All investments of funds held in a fiduciary capacity shall be made, retained
or disposed of only with the approval of the Trust Investment Committee, and
the Committee shall keep minutes of all its meetings, showing the disposition
of all matters considered and passed upon by it.  The committee shall, promptly
after the acceptance of an account for which the Association has investment
responsibilities, review the assets thereof, to determine the advisability of
retaining or disposing of such assets.  The committee shall conduct a similar
review at least once during each calendar year thereafter and within fifteen
months of the last such review.  A report of all such reviews, together with
the action taken as a result thereof, shall be noted in the minutes of the
committee.

         SECTION 3.  Trust Audit Committee.  The Board of Directors shall
appoint a committee of Directors, exclusive of any active officer of the
Association, which shall, at least once during each calendar year and within
fifteen (15) months of the last such audit make suitable audits of the
Association's fiduciary activities or cause suitable audits to be made by
auditors responsible only to the Board of Directors, and at such time shall
ascertain whether fiduciary powers have been administered according to law,
Part 9 of the Regulations of the Comptroller of the Currency, and sound
fiduciary principles.

         SECTION 4.  Fiduciary Files.  There shall be maintained by the
Association all fiduciary records necessary to assure that its fiduciary
responsibilities have been properly undertaken and discharged.

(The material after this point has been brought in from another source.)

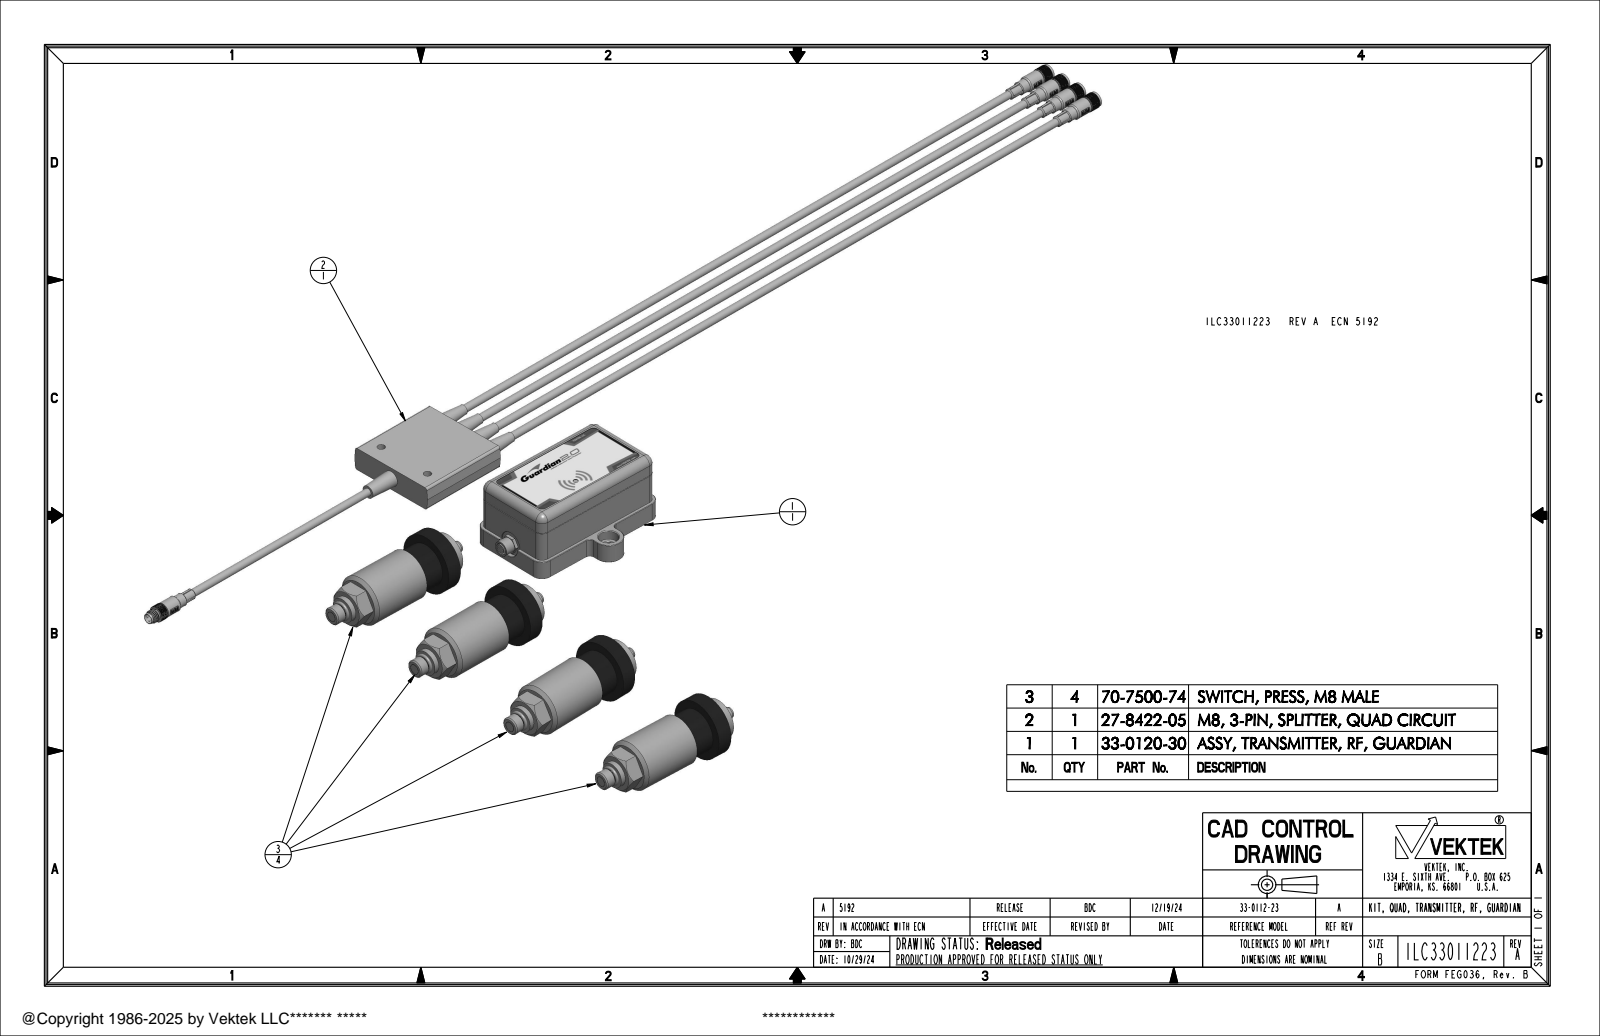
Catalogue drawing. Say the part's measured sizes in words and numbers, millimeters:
The part is named "27842205; 33012030P; 29950000; 33012030 (+2 more)". Its 3-D file was written by "CREO PARAMETRIC BY PTC INC, 2021164 (AUTOMOTIVE_DESIGN)". It is 11 solids with 3074 faces: 1596 planar, 863 cylindrical and 615 other. Overall it measures 760.3 by 361.7 by 46.8 millimeters. Its volume is 465 700 cubic millimeters and its surface area 127 900 square millimeters. Round holes: 12 of diameter 1, 12 of diameter 1.2, 4 of diameter 3.5, 4 of diameter 6.4, 4 of diameter 6.9, 4 of diameter 22.2, 3 of diameter 0.8, 3 of diameter 7, 2 of diameter 5.1, 2 of diameter 11.9, 2 of diameter 12, 1 of diameter 3.3. Round bosses or shafts: 5 of diameter 9.7, 5 of diameter 6.7, 5 of diameter 5, 4 of diameter 38.1, 4 of diameter 31.8, 4 of diameter 27.4, 4 of diameter 25.4, 4 of diameter 15.9. Partial cylindrical surfaces (rounded edges, fillets, slot ends): 8 of radius 0.7, 8 of radius 3, 8 of radius 5, 4 of radius 1.6, 4 of radius 5, 4 of radius 5.4, 4 of radius 5.5, 4 of radius 7. The main face-to-face distances are 15.2, 42.7, 27.5, 52, 2, 9.5, 9.5, 54, 16.7, 7.2. The hole center spacings are 1.8, 13, 26, 2.5, 13.1, 13.1, 3.5, 2.5.

         SECTION 5.  Trust Investments.  Funds held in a fiduciary
capacity shall be invested according to the instrument establishing the
fiduciary relationship and local law.  Where such instrument does not specify
the character and class of investments to be made and does not vest in the
Association a discretion in the matter, funds held pursuant to such instrument
shall be invested in investments in which corporate fiduciaries may invest
under local law.
                                      9
<PAGE>   17

                                   ARTICLE VI

                                    S E A L

         The Board of Directors is empowered and instructed to adopt and
procure for the Association an official seal.  An impression of the seal shall
be placed in the space immediately following this section.  The Secretary of
the Association Shall have custody of the seal.


                                    SEAL
                                     10
<PAGE>   18

                                  ARTICLE VII

                                   AMENDMENTS

         These Bylaws may be added to, amended, altered or repealed at any
regular meeting or special meeting called for that purpose of the Board of
Directors, by a vote of a majority of the total number of the directors.  The
Shareholders may amend or repeal the Bylaws even though the Bylaws may also be
amended or repealed by the Board of Directors.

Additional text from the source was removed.